_Description of the task_
The answer must consist of every line in the data that contains "SPACER".

***** Provided records *****

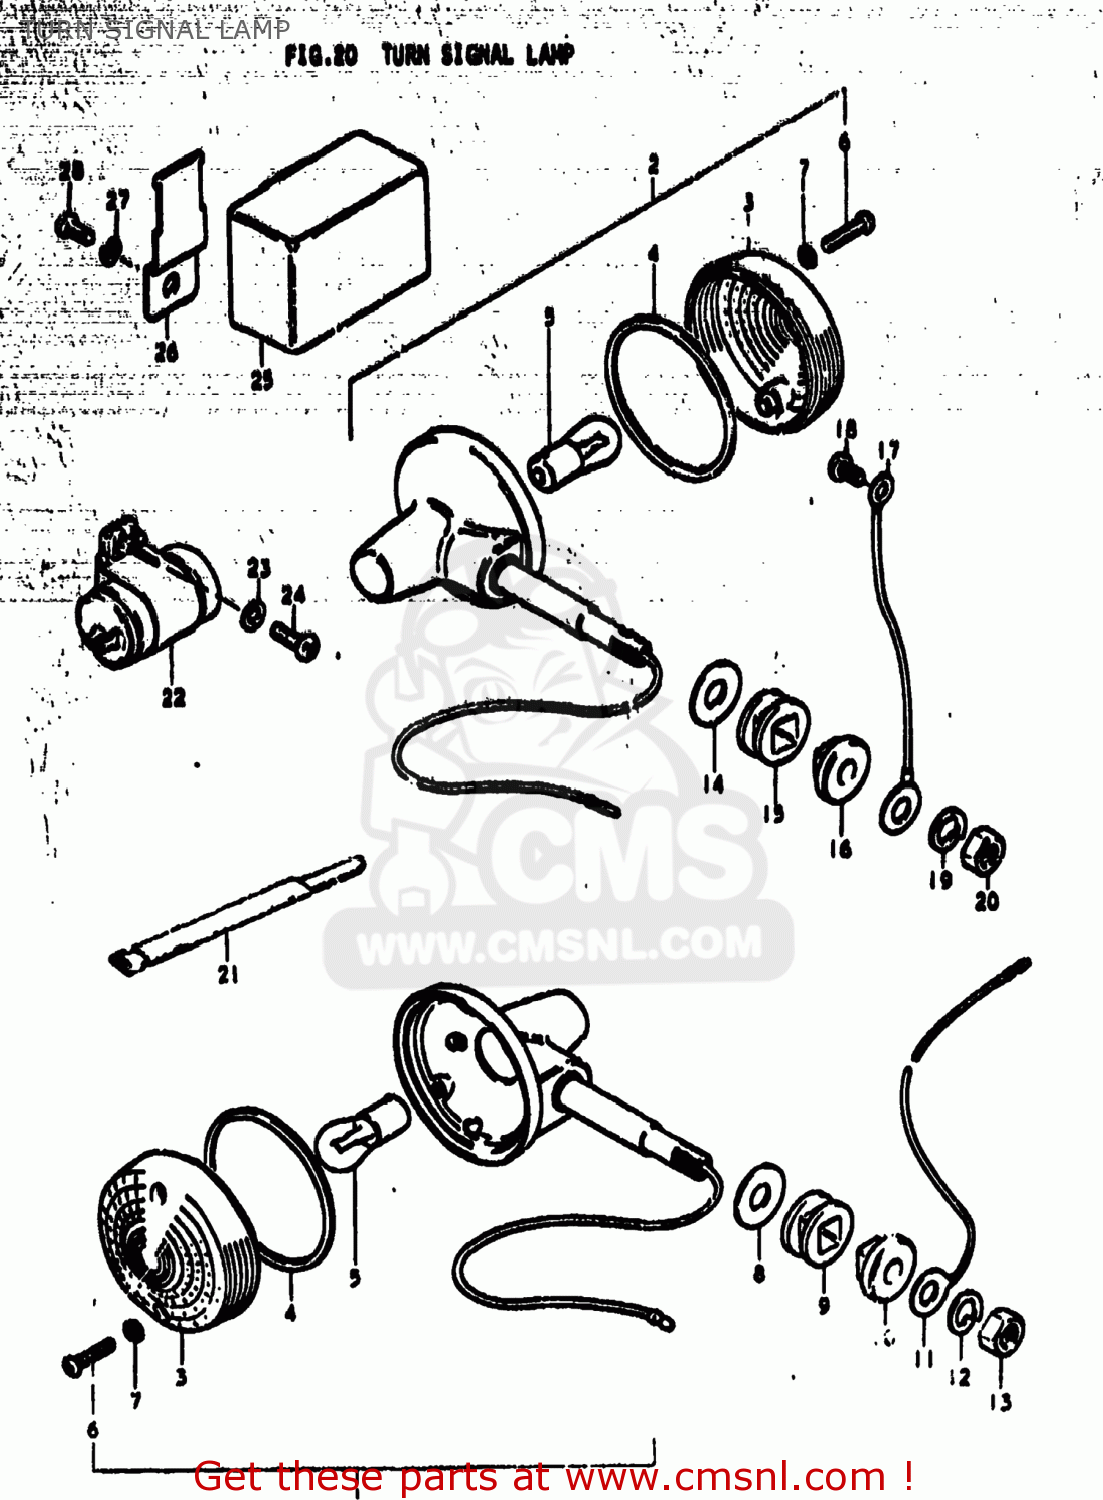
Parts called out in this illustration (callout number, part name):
1	LAMP ASSEMBLY,FRONT TURN SIGNAL
2	LAMP ASSEMBLY,REAR TURN SIGNAL
3	LENS
4	GASKET (NAS)
5	BULB(6V17W,STANLEY,A4513A)
6	SCREW
7	GASKET (NAS)
8	WASHER (10.5X30X2.3)
9	CUSHION
10	SPACER,RR TURNSIGNAL LAMP
11	LEAD WIRE,EARTH
12	LOCK WASHER
13	NUT
14	WASHER (10.5X30X2.3)
15	CUSHION
16	SPACER,RR TURNSIGNAL LAMP
17	LEAD WIRE
18	SCREW
19	LOCK WASHER
20	NUT
21	CLAMP
22	RELAY,TURN SIGNAL
23	WASHER
24	SCREW
25	RELAY,TURN SIGNAL
26	BRACKET,TURN SIGNAL RELAY
27	SCREW 6X12
28	LOCK WASHER

*****

_Output for this exercise_
10	SPACER,RR TURNSIGNAL LAMP
16	SPACER,RR TURNSIGNAL LAMP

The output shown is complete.